We wouldn't have gotten that one in any case, at least not in the chemistry section where I worked. If he died, the medical examiner's office would have gotten it. If he survived and, er, samples from his body were available, the toxicology section would have handled it.

But all jokes aside, almost every time we got a mushroom case in, you could tell that they came from the grocery. Portobellos seemed to be particularly popular for fake shrooms.

Celia Cyanide
12-30-2006, 10:07 AM
Let me throw out an interesting trivia point. During the Charles Manson family trials, some of his supporters tried to kill a witness by spiking her hamburger with roughly ten times the (what was then) normal amount.
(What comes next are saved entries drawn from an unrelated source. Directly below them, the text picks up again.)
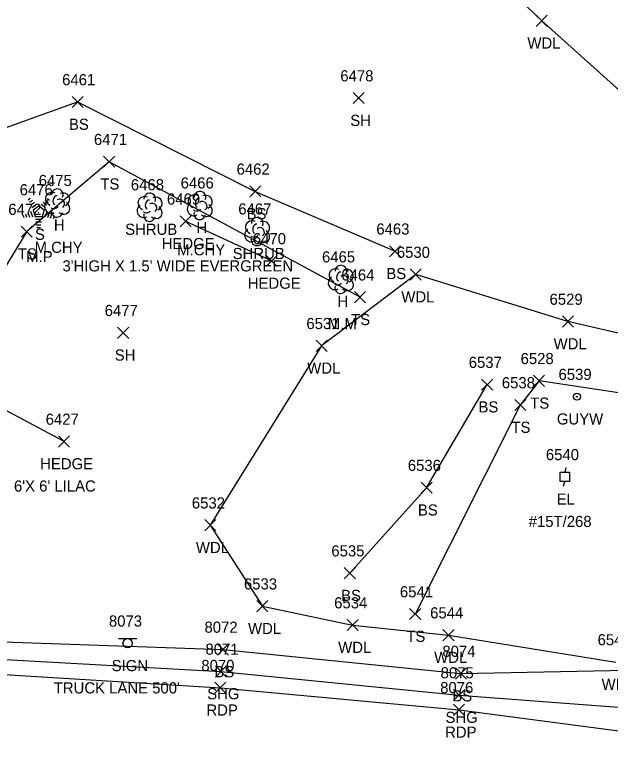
# Model space of a CAD drawing. Extents: x 1588028 to 1589597, y 137576 to 138176.
# Drawn here: x 1588667.4 to 1588774.4, y 137897.5 to 138029.2 of the extents above; entities that cross this region are included whole.
import ezdxf

# ---------------------------------------------------------------- set-up
doc = ezdxf.new("R2010")
doc.units = 0
for name, color, linetype in [('L_A', 7, 'Continuous'), ('L_C', 7, 'Continuous'), ('L_I', 7, 'Continuous'), ('L_TIC', 7, 'Continuous'), ('LAHR', 7, 'Continuous'), ('LAWA', 7, 'Continuous'), ('LELB', 7, 'Continuous'), ('LSH', 7, 'Continuous'), ('LTC', 7, 'Continuous'), ('LTD', 7, 'Continuous'), ('P_A', 7, 'Continuous'), ('P_I', 7, 'Continuous'), ('P_TIC', 7, 'Continuous'), ('PET', 7, 'Continuous'), ('PSU', 7, 'Continuous'), ('S_A', 7, 'Continuous'), ('S_C', 7, 'Continuous'), ('S_I', 7, 'Continuous'), ('SSGN', 7, 'Continuous'), ('U_A', 7, 'Continuous'), ('U_C', 7, 'Continuous'), ('U_I', 7, 'Continuous'), ('UEPT', 7, 'Continuous'), ('UPGW', 7, 'Continuous')]:
    doc.layers.add(name, color=color, linetype=linetype)

msp = doc.modelspace()

# ---------------------------------------------------------------- linework, layer by layer
at = {"layer": 'L_TIC'}
for points in [[(1588761.05, 138027.09), (1588763.05, 138029.09)], [(1588763.05, 138027.09), (1588761.05, 138029.09)], [(1588728.17, 138013.21), (1588730.17, 138015.21)], [(1588730.17, 138013.21), (1588728.17, 138015.21)], [(1588677.67, 138012.51), (1588679.67, 138014.51)], [(1588679.67, 138012.51), (1588677.67, 138014.51)], [(1588683.34, 138001.79), (1588685.34, 138003.79)], [(1588685.34, 138001.79), (1588683.34, 138003.79)], [(1588709.59, 137996.46), (1588711.59, 137998.46)], [(1588711.59, 137996.46), (1588709.59, 137998.46)], [(1588697.07, 137991.09), (1588699.07, 137993.09)], [(1588699.07, 137991.09), (1588697.07, 137993.09)], [(1588668.52, 137989.24), (1588670.52, 137991.24)], [(1588670.52, 137989.24), (1588668.52, 137991.24)], [(1588734.69, 137985.71), (1588736.69, 137987.71)], [(1588736.69, 137985.71), (1588734.69, 137987.71)], [(1588712.54, 137983.98), (1588714.54, 137985.98)], [(1588714.54, 137983.98), (1588712.54, 137985.98)], [(1588738.41, 137981.53), (1588740.41, 137983.53)], [(1588740.41, 137981.53), (1588738.41, 137983.53)], [(1588728.4, 137977.46), (1588730.4, 137979.46)], [(1588730.4, 137977.46), (1588728.4, 137979.46)], [(1588765.76, 137973.1), (1588767.76, 137975.1)], [(1588767.76, 137973.1), (1588765.76, 137975.1)], [(1588685.84, 137971.08), (1588687.84, 137973.08)], [(1588687.84, 137971.08), (1588685.84, 137973.08)], [(1588721.5, 137968.74), (1588723.5, 137970.74)], [(1588723.5, 137968.74), (1588721.5, 137970.74)], [(1588751.24, 137961.77), (1588753.24, 137963.77)], [(1588753.24, 137961.77), (1588751.24, 137963.77)], [(1588760.56, 137962.45), (1588762.56, 137964.45)], [(1588762.56, 137962.45), (1588760.56, 137964.45)], [(1588757.19, 137958.11), (1588759.19, 137960.11)], [(1588759.19, 137958.11), (1588757.19, 137960.11)], [(1588675.23, 137951.57), (1588677.23, 137953.57)], [(1588677.23, 137951.57), (1588675.23, 137953.57)], [(1588740.36, 137943.27), (1588742.36, 137945.27)], [(1588742.36, 137943.27), (1588740.36, 137945.27)], [(1588701.5, 137936.53), (1588703.5, 137938.53)], [(1588703.5, 137936.53), (1588701.5, 137938.53)], [(1588726.56, 137927.93), (1588728.56, 137929.93)], [(1588728.56, 137927.93), (1588726.56, 137929.93)], [(1588710.86, 137921.99), (1588712.86, 137923.99)], [(1588712.86, 137921.99), (1588710.86, 137923.99)], [(1588738.31, 137920.58), (1588740.31, 137922.58)], [(1588740.31, 137920.58), (1588738.31, 137922.58)], [(1588727.07, 137918.6), (1588729.07, 137920.6)], [(1588729.07, 137918.6), (1588727.07, 137920.6)], [(1588744.3, 137916.8), (1588746.3, 137918.8)], [(1588746.3, 137916.8), (1588744.3, 137918.8)], [(1588703.8, 137914.23), (1588705.8, 137916.23)], [(1588705.8, 137914.23), (1588703.8, 137916.23)], [(1588746.54, 137909.9), (1588748.54, 137911.9)], [(1588748.54, 137909.9), (1588746.54, 137911.9)]]:
    msp.add_lwpolyline(points, dxfattribs=at)
at = {"layer": 'LAHR'}
for points in [[(1588698.07, 137992.09), (1588713.54, 137984.98)], [(1588676.23, 137952.57), (1588652.59, 137965.15)]]:
    msp.add_lwpolyline(points, dxfattribs=at)
at = {"layer": 'LAWA'}
for points in [[(1588438.89, 138034.8), (1588460.15, 138038.23), (1588480.55, 138035.11), (1588505.29, 138026.54), (1588523.98, 138028.49), (1588536.66, 138053.55), (1588553.84, 138097.83), (1588585.17, 138100.47), (1588614.56, 138103.49), (1588645.11, 138105.26), (1588662.06, 138103.96), (1588684.62, 138095.19), (1588717.93, 138069.71), (1588741.65, 138047.62), (1588762.05, 138028.09), (1588788.28, 138004.54)], [(1588793.35, 137967.95), (1588766.76, 137974.1), (1588739.41, 137982.53), (1588722.5, 137969.74), (1588702.5, 137937.53), (1588711.86, 137922.99), (1588728.07, 137919.6), (1588745.3, 137917.8), (1588775.38, 137912.97)]]:
    msp.add_lwpolyline(points, dxfattribs=at)
at = {"layer": 'LELB'}
for points in [[(1588591.54, 138046.29), (1588626.32, 138039.75), (1588630.34, 138007.04), (1588626.86, 137991.11), (1588639.77, 137986.11), (1588660.41, 138007.02), (1588678.67, 138013.51), (1588710.59, 137997.46), (1588735.69, 137986.71)], [(1588729.4, 137978.46), (1588684.34, 138002.79), (1588669.52, 137990.24), (1588656.54, 137969.04)], [(1588806.13, 137923.03), (1588809.17, 137939.49), (1588786.18, 137959.73), (1588761.56, 137963.45), (1588758.19, 137959.11), (1588739.31, 137921.58)], [(1588727.56, 137928.93), (1588741.36, 137944.27), (1588752.24, 137962.77)], [(1588551.14, 137930.49), (1588555.16, 137922.7), (1588594.96, 137920.46), (1588624.61, 137918.77), (1588663.54, 137916.63), (1588704.8, 137915.23), (1588747.54, 137910.9), (1588783.34, 137911.62)]]:
    msp.add_lwpolyline(points, dxfattribs=at)
at = {"layer": 'LSH'}
for p, q in [((1588691.58, 137994.66), (1588691.58, 137994.66)), ((1588691.58, 137994.66), (1588691.58, 137994.66)), ((1588710.89, 137990.31), (1588710.89, 137990.31)), ((1588710.89, 137990.31), (1588710.89, 137990.31))]:
    msp.add_line(p, q, dxfattribs=at)
for centre in [(1588691.63, 137996.09), (1588710.93, 137991.74)]:
    msp.add_arc(centre, 1.05, 335.5272, 180.9563, dxfattribs=at)
for centre, major_axis, ratio, start_param, end_param in [((1588690.79, 137995.32), (1.21, -0.51), 0.895232, 1.570796, 4.712389), ((1588692.62, 137995.24), (-1.14, -0.48), 0.949671, 1.570796, 4.712389), ((1588690.5, 137993.95), (0.58, -1.04), 0.959034, 3.141593, 6.283185), ((1588691.37, 137995.11), (-0.208, -0.792), 0.645439, 3.141593, 6.283185), ((1588692.08, 137994.49), (-0.5, 0.667), 0.989748, 3.141593, 6.283185), ((1588691.12, 137993.91), (-0.625, -0.083), 0.423636, 0, 3.141593), ((1588692.58, 137993.82), (-1.09, 0.79), 0.841452, 1.570796, 4.712389), ((1588691.58, 137993.16), (0.26, 1.06), 0.942809, 1.570796, 4.712389), ((1588710.1, 137990.98), (1.21, -0.51), 0.895232, 1.570796, 4.712389), ((1588711.93, 137990.89), (-1.14, -0.48), 0.949671, 1.570796, 4.712389), ((1588710.68, 137990.77), (-0.208, -0.792), 0.645439, 3.141593, 6.283185), ((1588711.39, 137990.14), (-0.5, 0.667), 0.989748, 3.141593, 6.283185), ((1588709.8, 137989.6), (0.58, -1.04), 0.959034, 3.141593, 6.283185), ((1588710.43, 137989.56), (-0.625, -0.083), 0.423636, 0, 3.141593), ((1588711.89, 137989.48), (-1.09, 0.79), 0.841452, 1.570796, 4.712389), ((1588710.89, 137988.81), (0.26, 1.06), 0.942809, 1.570796, 4.712389)]:
    msp.add_ellipse(centre, major_axis=major_axis, ratio=ratio, start_param=start_param, end_param=end_param, dxfattribs=at)
at = {"layer": 'LTC'}
for p, q in [((1588669.81, 137995.97), (1588670.17, 137996.23)), ((1588673.21, 137996.21), (1588673.63, 137995.9)), ((1588670.02, 137995.5), (1588670.55, 137995.89)), ((1588670.23, 137995.04), (1588670.93, 137995.55)), ((1588670.44, 137994.57), (1588671.32, 137995.21)), ((1588670.66, 137994.12), (1588671.68, 137994.85)), ((1588671.68, 137994.85), (1588672.67, 137994.13)), ((1588672.1, 137995.16), (1588672.91, 137994.57)), ((1588672.47, 137995.51), (1588673.15, 137995.02)), ((1588672.84, 137995.86), (1588673.39, 137995.46)), ((1588669.3, 137993.46), (1588669.51, 137992.81)), ((1588669.75, 137993.68), (1588670.03, 137992.84)), ((1588670.21, 137993.9), (1588670.54, 137992.88)), ((1588670.66, 137994.12), (1588671.05, 137992.92)), ((1588672.67, 137994.13), (1588672.28, 137992.92)), ((1588673.11, 137993.85), (1588672.77, 137992.81)), ((1588673.55, 137993.6), (1588673.27, 137992.72)), ((1588668.84, 137993.25), (1588669, 137992.78)), ((1588672.28, 137992.92), (1588671.05, 137992.92)), ((1588672.24, 137992.42), (1588671.1, 137992.42)), ((1588674, 137993.35), (1588673.76, 137992.62)), ((1588674.44, 137993.1), (1588674.26, 137992.53)), ((1588672.16, 137991.92), (1588671.17, 137991.92)), ((1588672.08, 137991.42), (1588671.24, 137991.42)), ((1588671.99, 137990.92), (1588671.32, 137990.92))]:
    msp.add_line(p, q, dxfattribs=at)
at = {"layer": 'LTD'}
for p, q in [((1588674.98, 137995.42), (1588674.98, 137995.42)), ((1588674.98, 137995.42), (1588674.98, 137995.42)), ((1588700.59, 137994.98), (1588700.59, 137994.98)), ((1588700.59, 137994.98), (1588700.59, 137994.98)), ((1588725.93, 137981.71), (1588725.93, 137981.71)), ((1588725.93, 137981.71), (1588725.93, 137981.71))]:
    msp.add_line(p, q, dxfattribs=at)
for centre in [(1588675.02, 137996.85), (1588700.64, 137996.41), (1588725.97, 137983.14)]:
    msp.add_arc(centre, 1.05, 335.5272, 180.9563, dxfattribs=at)
for centre, major_axis, ratio, start_param, end_param in [((1588674.18, 137996.08), (1.21, -0.51), 0.895232, 1.570796, 4.712389), ((1588674.77, 137995.88), (-0.208, -0.792), 0.645439, 3.141593, 6.283185), ((1588675.48, 137995.25), (-0.5, 0.667), 0.989748, 3.141593, 6.283185), ((1588676.02, 137996), (-1.14, -0.48), 0.949671, 1.570796, 4.712389), ((1588699.8, 137995.65), (1.21, -0.51), 0.895232, 1.570796, 4.712389), ((1588700.38, 137995.44), (-0.208, -0.792), 0.645439, 3.141593, 6.283185), ((1588701.63, 137995.56), (-1.14, -0.48), 0.949671, 1.570796, 4.712389), ((1588673.89, 137994.71), (0.58, -1.04), 0.959034, 3.141593, 6.283185), ((1588675.98, 137994.58), (-1.09, 0.79), 0.841452, 1.570796, 4.712389), ((1588699.51, 137994.27), (0.58, -1.04), 0.959034, 3.141593, 6.283185), ((1588701.09, 137994.81), (-0.5, 0.667), 0.989748, 3.141593, 6.283185), ((1588701.59, 137994.15), (-1.09, 0.79), 0.841452, 1.570796, 4.712389), ((1588674.98, 137993.92), (0.26, 1.06), 0.942809, 1.570796, 4.712389), ((1588674.52, 137994.67), (-0.625, -0.083), 0.423636, 0, 3.141593), ((1588700.59, 137993.48), (0.26, 1.06), 0.942809, 1.570796, 4.712389), ((1588700.13, 137994.23), (-0.625, -0.083), 0.423636, 0, 3.141593), ((1588725.13, 137982.37), (1.21, -0.51), 0.895232, 1.570796, 4.712389), ((1588725.72, 137982.17), (-0.208, -0.792), 0.645439, 3.141593, 6.283185), ((1588726.97, 137982.29), (-1.14, -0.48), 0.949671, 1.570796, 4.712389), ((1588724.84, 137981), (0.58, -1.04), 0.959034, 3.141593, 6.283185), ((1588726.43, 137981.54), (-0.5, 0.667), 0.989748, 3.141593, 6.283185), ((1588726.93, 137980.87), (-1.09, 0.79), 0.841452, 1.570796, 4.712389), ((1588725.93, 137980.21), (0.26, 1.06), 0.942809, 1.570796, 4.712389), ((1588725.47, 137980.96), (-0.625, -0.083), 0.423636, 0, 3.141593)]:
    msp.add_ellipse(centre, major_axis=major_axis, ratio=ratio, start_param=start_param, end_param=end_param, dxfattribs=at)
at = {"layer": 'P_TIC'}
for points in [[(1588703.41, 137910.28), (1588705.41, 137912.28)], [(1588705.41, 137910.28), (1588703.41, 137912.28)], [(1588703.32, 137907.35), (1588705.32, 137909.35)], [(1588705.32, 137907.35), (1588703.32, 137909.35)], [(1588746.22, 137906.04), (1588748.22, 137908.04)], [(1588748.22, 137906.04), (1588746.22, 137908.04)], [(1588746.19, 137903.38), (1588748.19, 137905.38)], [(1588748.19, 137903.38), (1588746.19, 137905.38)]]:
    msp.add_lwpolyline(points, dxfattribs=at)
at = {"layer": 'PET'}
msp.add_lwpolyline([(1588422.16, 137923.17), (1588469.2, 137920.73), (1588503.28, 137919.24), (1588517.55, 137918.56), (1588549.94, 137917.25), (1588592.35, 137915.11), (1588643.26, 137911.75), (1588663.5, 137910.85), (1588704.32, 137908.35), (1588747.19, 137904.38), (1588787.69, 137899.08), (1588825.32, 137893.63), (1588865.15, 137887.82), (1588905.82, 137880.77), (1588917.24, 137863.85), (1588927.99, 137847.51)], dxfattribs=at)
at = {"layer": 'PSU'}
msp.add_lwpolyline([(1588548.35, 137920.32), (1588592.38, 137917.18), (1588643.62, 137914.8), (1588663.46, 137913.57), (1588704.41, 137911.28), (1588747.22, 137907.04), (1588788.55, 137903.91), (1588803.43, 137901.36)], dxfattribs=at)
at = {"layer": 'SSGN'}
for p, q in [((1588686, 137917.19), (1588689.33, 137917.19)), ((1588687.65, 137916.35), (1588687.65, 137916.35))]:
    msp.add_line(p, q, dxfattribs=at)
msp.add_circle((1588687.65, 137916.35), 0.833, dxfattribs=at)
at = {"layer": 'UEPT'}
for p, q in [((1588766.35, 137947.87), (1588766.19, 137947.04)), ((1588765.35, 137945.37), (1588765.35, 137947.04)), ((1588765.35, 137947.04), (1588767.02, 137947.04)), ((1588766.19, 137946.21), (1588766.19, 137946.21)), ((1588767.02, 137947.04), (1588767.02, 137945.37)), ((1588767.02, 137945.37), (1588765.35, 137945.37)), ((1588765.94, 137944.54), (1588766.19, 137945.37))]:
    msp.add_line(p, q, dxfattribs=at)
at = {"layer": 'UPGW'}
for radius in [0.625, 0.0833]:
    msp.add_circle((1588768.38, 137960.61), radius, dxfattribs=at)

# ---------------------------------------------------------------- texts
at = {"layer": 'L_A'}
for s, p in [('WDL', (1588759.47, 138023.09)), ('SH', (1588727.65, 138009.21)), ('BS', (1588677.11, 138008.51)), ('TS', (1588682.75, 137997.79)), ('BS', (1588709.03, 137992.46)), ('H', (1588674.41, 137990.42)), ('SHRUB', (1588687.21, 137989.66)), ('H', (1588700.03, 137989.98)), ('S', (1588671, 137988.76)), ('HEDGE', (1588693.77, 137987.09)), ('TS', (1588667.93, 137985.24)), ('SHRUB', (1588706.52, 137985.31)), ('BS', (1588734.13, 137981.71)), ('HEDGE', (1588709.24, 137979.98)), ('WDL', (1588736.82, 137977.53)), ('H', (1588725.36, 137976.71)), ('TS', (1588727.8, 137973.46)), ('WDL', (1588764.18, 137969.1)), ('SH', (1588685.33, 137967.08)), ('WDL', (1588719.92, 137964.74)), ('BS', (1588750.68, 137957.77)), ('TS', (1588759.97, 137958.45)), ('TS', (1588756.6, 137954.11)), ('HEDGE', (1588671.94, 137947.57)), ('BS', (1588739.8, 137939.27)), ('WDL', (1588699.91, 137932.53)), ('BS', (1588726, 137923.93)), ('WDL', (1588709.28, 137917.99)), ('TS', (1588737.72, 137916.58)), ('WDL', (1588725.48, 137914.6)), ('WDL', (1588742.72, 137912.8)), ('BS', (1588703.24, 137910.23)), ('WDL', (1588772.8, 137907.97)), ('BS', (1588745.98, 137905.9))]:
    msp.add_text(s, height=2, dxfattribs=at).set_placement(p)
at = {"layer": 'L_C'}
for s, p in [('M.CHY', (1588670.94, 137986.42)), ('M.CHY', (1588696.56, 137985.98)), ('M.P', (1588669.43, 137984.76)), ("3'HIGH X 1.5' WIDE EVERGREEN", (1588675.94, 137983.09)), ('M.M', (1588723.63, 137972.71)), ("6'X 6' LILAC", (1588667.23, 137943.57))]:
    msp.add_text(s, height=2, dxfattribs=at).set_placement(p)
at = {"layer": 'L_I'}
for s, p in [('6461', (1588675.88, 138016.51)), ('6478', (1588725.86, 138017.21)), ('6471', (1588681.6, 138005.79)), ('6462', (1588707.23, 138000.46)), ('6475', (1588671.67, 137998.42)), ('6476', (1588668.25, 137996.76)), ('6468', (1588688.23, 137997.66)), ('6466', (1588697.18, 137997.98)), ('6469', (1588694.71, 137995.09)), ('6472', (1588666.21, 137993.24)), ('6467', (1588707.53, 137993.31)), ('6463', (1588732.33, 137989.71)), ('6470', (1588710.15, 137987.98)), ('6530', (1588736.01, 137985.53)), ('6465', (1588722.57, 137984.71)), ('6464', (1588726.04, 137981.46)), ('6529', (1588763.45, 137977.1)), ('6477', (1588683.53, 137975.08)), ('6531', (1588719.76, 137972.74)), ('6528', (1588758.25, 137966.45)), ('6537', (1588748.93, 137965.77)), ('6538', (1588754.88, 137962.11)), ('6427', (1588672.93, 137955.57)), ('6536', (1588737.99, 137947.27)), ('6532', (1588699.19, 137940.53)), ('6535', (1588724.25, 137931.93)), ('6533', (1588708.55, 137925.99)), ('6541', (1588736.57, 137924.58)), ('6534', (1588724.76, 137922.6)), ('6544', (1588742, 137920.8)), ('8072', (1588701.46, 137918.23)), ('6545', (1588772.08, 137915.97)), ('8074', (1588744.2, 137913.9))]:
    msp.add_text(s, height=2, dxfattribs=at).set_placement(p)
at = {"layer": 'LTC'}
msp.add_text('.', height=1.04, rotation=270, dxfattribs=at).set_placement((1588671.56, 137993.86))
at = {"layer": 'P_A'}
for s, p in [('SHG', (1588701.95, 137906.28)), ('RDP', (1588701.81, 137903.35)), ('SHG', (1588744.75, 137902.04)), ('RDP', (1588744.68, 137899.38))]:
    msp.add_text(s, height=2, dxfattribs=at).set_placement(p)
at = {"layer": 'P_I'}
for s, p in [('8071', (1588701.64, 137914.28)), ('8070', (1588700.89, 137911.35)), ('8075', (1588743.88, 137910.04)), ('8076', (1588743.8, 137907.38))]:
    msp.add_text(s, height=2, dxfattribs=at).set_placement(p)
at = {"layer": 'S_A'}
msp.add_text('SIGN', height=2, dxfattribs=at).set_placement((1588684.78, 137911.33))
at = {"layer": 'S_C'}
msp.add_text("TRUCK LANE 500'", height=2, dxfattribs=at).set_placement((1588674.38, 137907.33))
at = {"layer": 'S_I'}
msp.add_text('8073', height=2, dxfattribs=at).set_placement((1588684.29, 137919.33))
at = {"layer": 'U_A'}
for s, p in [('GUYW', (1588764.77, 137955.61)), ('EL', (1588764.72, 137941.21))]:
    msp.add_text(s, height=2, dxfattribs=at).set_placement(p)
at = {"layer": 'U_C'}
msp.add_text('#15T/268', height=2, dxfattribs=at).set_placement((1588759.7, 137937.21))
at = {"layer": 'U_I'}
for s, p in [('6539', (1588765.06, 137963.61)), ('6540', (1588762.79, 137949.21))]:
    msp.add_text(s, height=2, dxfattribs=at).set_placement(p)

doc.saveas('drawing.dxf')

Wow. What a weird way to try and kill someone.

Mags
12-31-2006, 01:12 PM
I read Go Ask Alice at an impressionable age and it scared the hell out of me; in other words, it did what it was supposed to do. I don't think I was really surprised to find out as an adult that it was faked.

ChaosTitan
12-31-2006, 08:53 PM
I must be under the same rock as Shadow Ferret, I totally missed this news. I vaguely remember reading Alice, but it never really stuck with me. If you want an affecting book about teen addictions (anorexia nervosa, in this case) try "The Best Little Girl in the World," by Stephen Levenkron. Just...wow.

scarletpeaches
12-31-2006, 08:56 PM
Wow. What a weird way to try and kill someone.

My cooking would do that on its own.